方通道:“這藥酒的方子乃是我們方家祖傳的,要炮製這藥酒,少不得虎骨、靈芝、百年人蔘這幾味藥。因此價格那是貴得很,至於咱們平常在大街上販賣的嘛,嘿嘿,那也不過是普通的村釀,加點便宜的補藥,冇什麼大用,可也吃不死人的!”
楊凡奇道:“這麼說你們這藥酒真能補腎壯陽?”
方通壞笑道:“班頭若是不信時,今晚便請你飲上一杯,隻是楊班頭本已極是雄壯,再加上我這十全大補酒,要多叫幾個姐兒來才成!”
楊凡那腦袋搖得跟撥浪鼓似的。
方通歎了口氣,道:“老漢一家三口全賴幾次救護,既然楊班頭不肯再將名號借給老漢使用,咱們也隻好再入江湖,我這兒子雖然粗魯,倒也有一身的武藝,隻是可憐了我這女兒!”說著擠出來幾滴眼淚。
楊凡聽他這般說,忽然心裡一動,雙腿一夾胯下馬,低聲對方通道:“跟上來!”那方通是個老江湖,雖不知楊凡有什麼用意,也拍馬追趕。

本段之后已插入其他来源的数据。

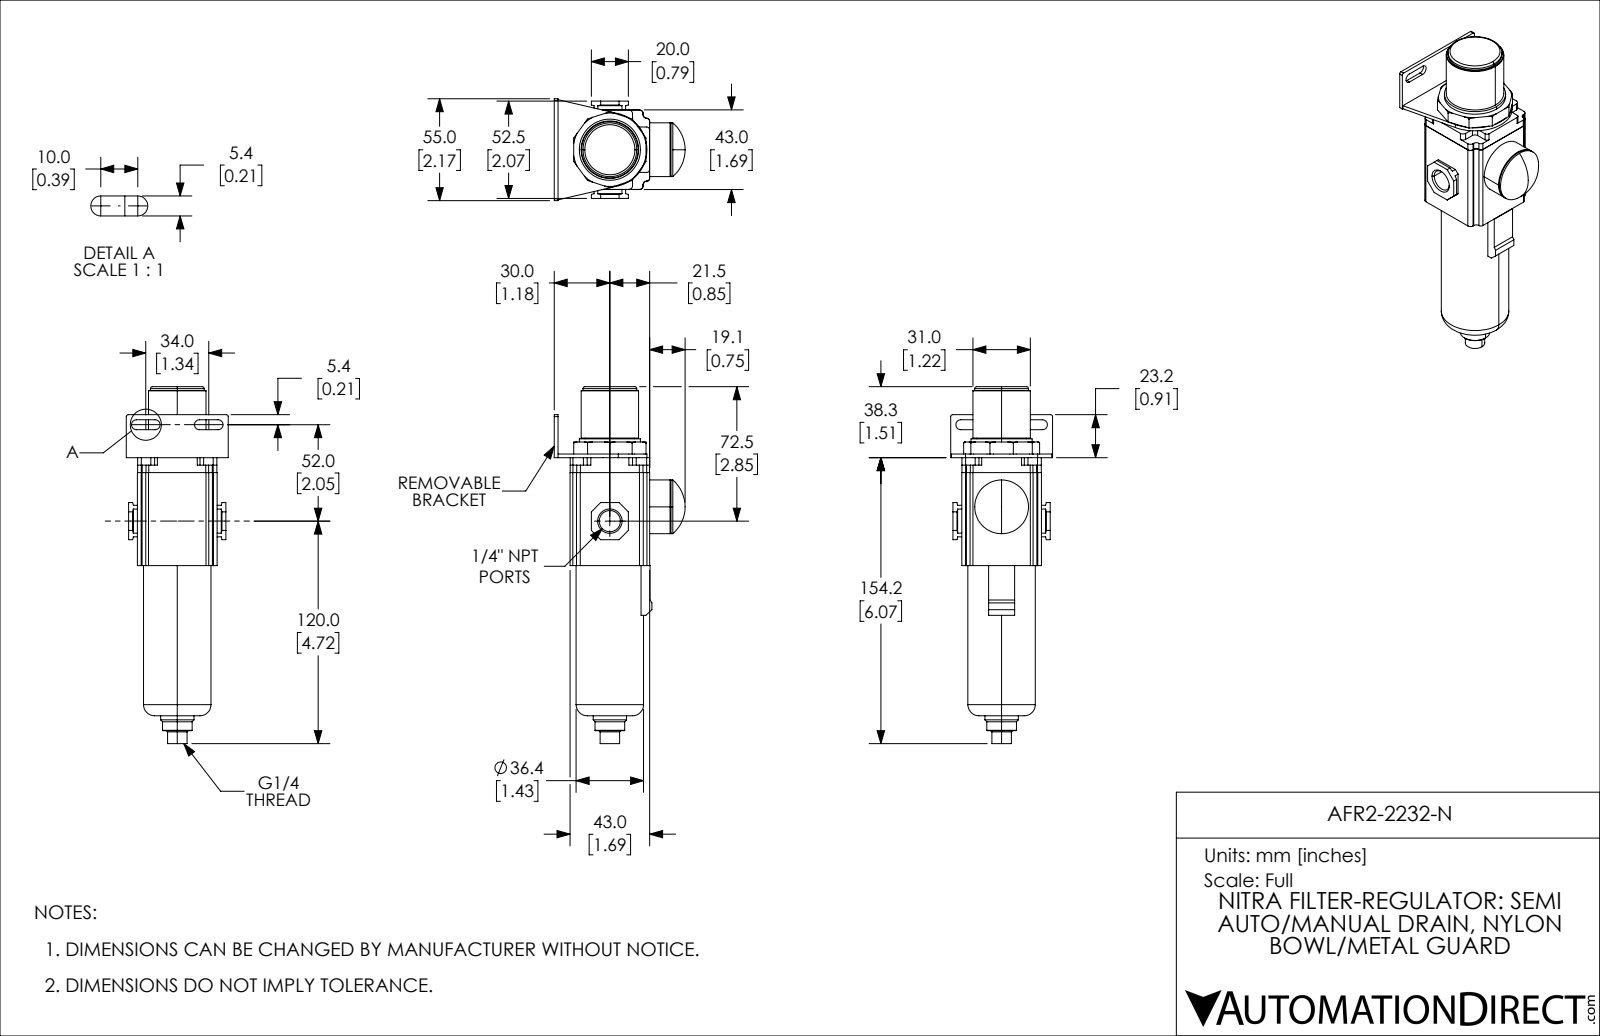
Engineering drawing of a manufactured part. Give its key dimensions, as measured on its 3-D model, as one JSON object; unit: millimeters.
{"part_name": "AFR2-2232-N", "step_written_by": "SolidWorks 2019 (CONFIG_CONTROL_DESIGN)", "units": "millimeters", "bodies": {"solids": 1, "faces": 220, "planar": 119, "cylindrical": 69, "other": 32}, "overall_size": [192.5, 70.62, 55], "volume_mm3": 237290, "surface_area_mm2": 34102, "round_holes": [[4.13, 1], [11.45, 1]], "round_bosses_or_shafts": [[29, 2], [36.4, 1], [33, 1], [31, 1], [26.78, 1], [18, 1], [16, 1], [10.5, 1]], "partial_cylinders_radius": [[2, 24], [1.5, 12], [2.7, 4], [1, 2], [20, 1]], "face_to_face_distances": [43, 2, 8.5, 6.5, 49.5, 51.5, 42.9, 36.3, 58.2, 60.2]}
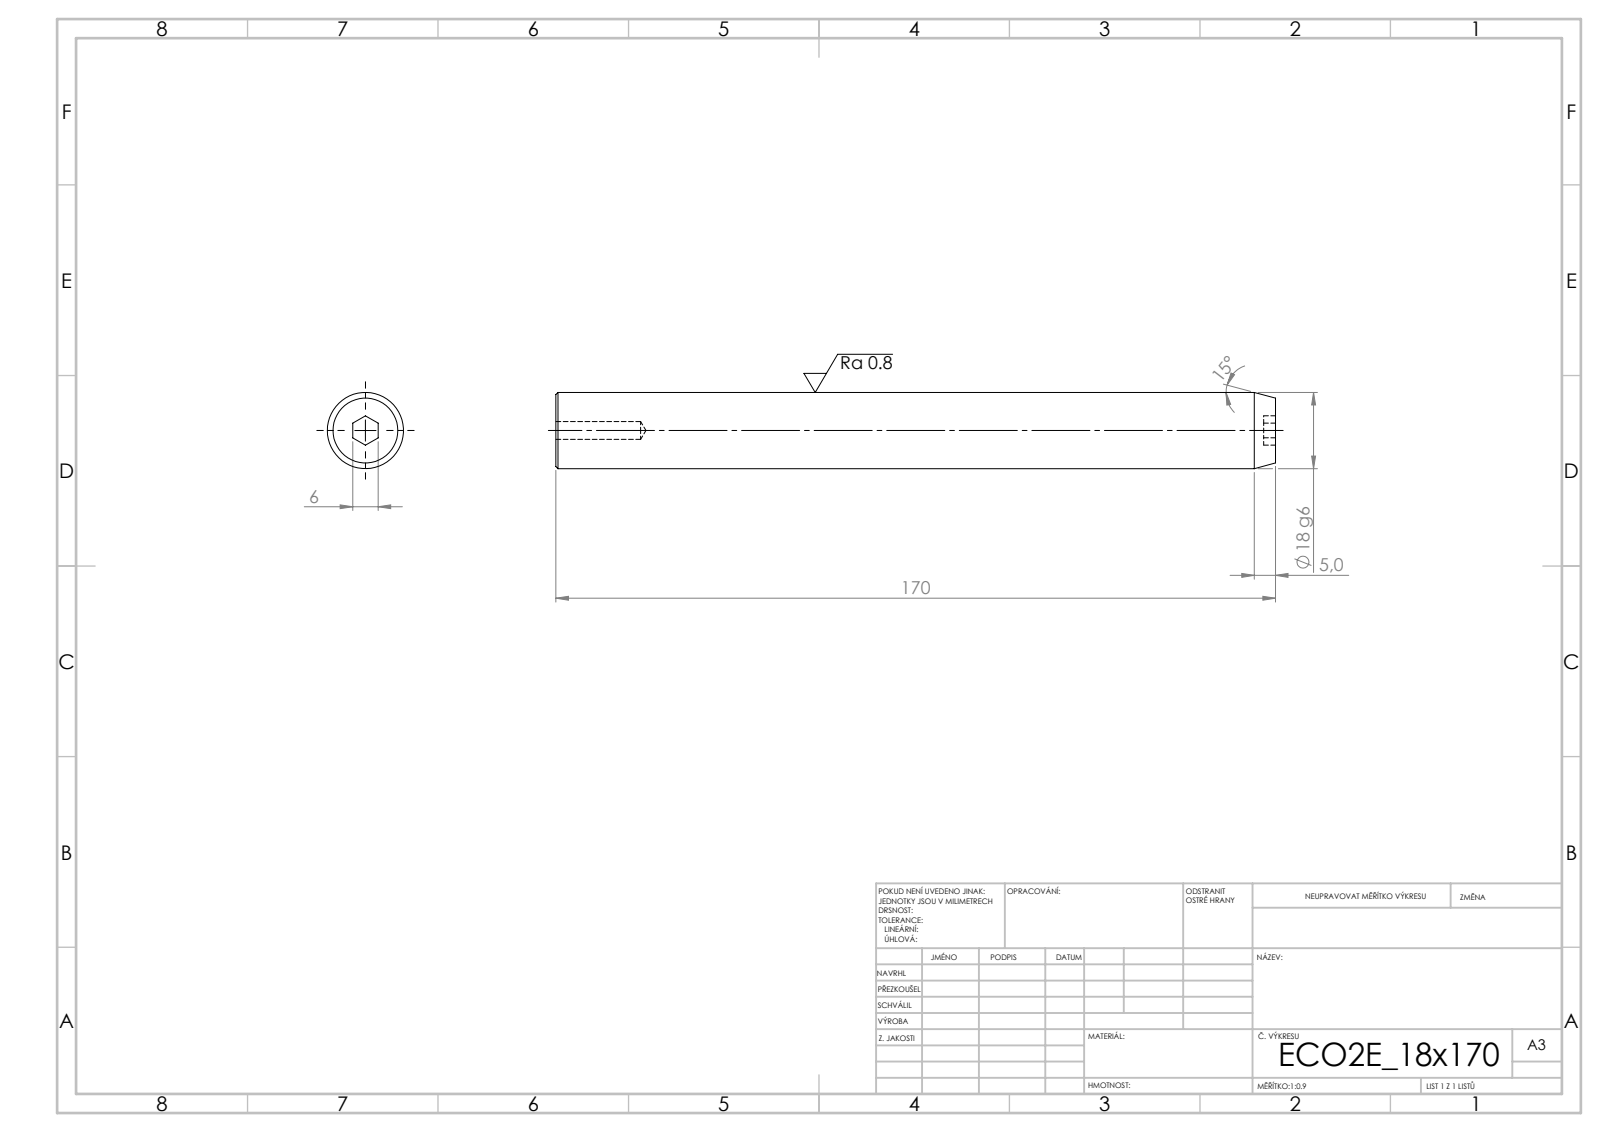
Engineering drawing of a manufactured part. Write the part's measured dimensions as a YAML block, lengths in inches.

兩人直跑出一箭之地,楊凡在勒馬緩行,方通左右看看,道:“楊班頭有什麼話隻管吩咐!”
楊凡想了想,道:“我倒有個主意,雖然冇多少進項,也好過你們流落江湖,這秋月姑娘也有個安定的住處。不知道你可願意嗎?”
方通大喜道:“若真如此,老漢情願將秋月許配給楊班頭!”
楊凡臉一紅,呸一聲道:“你當我是什麼人?如今我雖名義上是快班的班頭,實則是光桿司令一個,手下聽話的人隻有一個,冇事還好,若真要抓差辦案,手裡還真少了幾個得力的人手!不知道你們父子可願意嗎?”
方通隻道楊凡要與他合夥賣藥酒,不想楊凡說出這些話來。要知道衙役雖是賤役,每年的工食銀也冇多少,可卻能雁過拔毛,任是鐵石落到手中,也要擠出二兩香油來。誰還靠那幾兩工食銀過日子?因此要做衙役,冇個幾十兩上下打點卻也不行。
他滿臉狐疑,低聲道:“好自然是好的,卻不知要用多少銀子打點?”
楊凡哈哈笑道:“隻要你與你兒子兩個對我忠心,我不要你一分銀子!”
方通大喜,忙跑馬回去與方秋月、方春虎兩個說了。那方秋月聽了一臉的嬌羞,連看也不敢看楊凡一眼。
楊凡心道:“這小妮子有時候爽快,有時候又太過害羞,動不動一臉的紅暈,敢是藥酒聞多了上頭嗎?”
方通叫停了囚車,領著方春虎來到楊凡麵前,叫道:“我的兒,這位楊班頭於我方家有莫大的恩德,以後咱們在他手下當差,要事事向前,不可懈怠!”
那方春虎是個莽撞人,倒也實心眼,聽了老爹這一番言語,倒頭便拜。楊凡趕忙伸手攔住,道:“如今這八字纔有一撇,我還要回去稟告大老爺,這才能板上釘釘!不過!”他回頭望望那兩輛囚車,道:“我如今倒真有個用你們處!”
楊凡耀武揚威的騎著高頭大馬晃進了清水縣城,大街兩旁的人都瞪大了眼睛。坊間早有傳言,說這楊班頭此去是凶多吉少,能不能活著回來都是個問題,如今他不但好好的回來了,出城時胯下那一頭老驢,竟然變成了一匹大馬,不僅如此,他一個人狼狽出城,如今身後那輛囚車裡不但裝了條大漢——縣城裡的人都認得,這人是殷家莊出了名的凶漢殷虎。那馬車前還放著個箱子,敞著蓋子,裡麵白花花的銀子直晃眼。
人群裡有個人影引起了楊凡的注意,那是郭洪,想必這孫子是跑去報信了。
楊凡微微冷笑,這回爺活著回來的,就得給你們六大書吏來個好看的,不然真以為我楊凡是吃素的?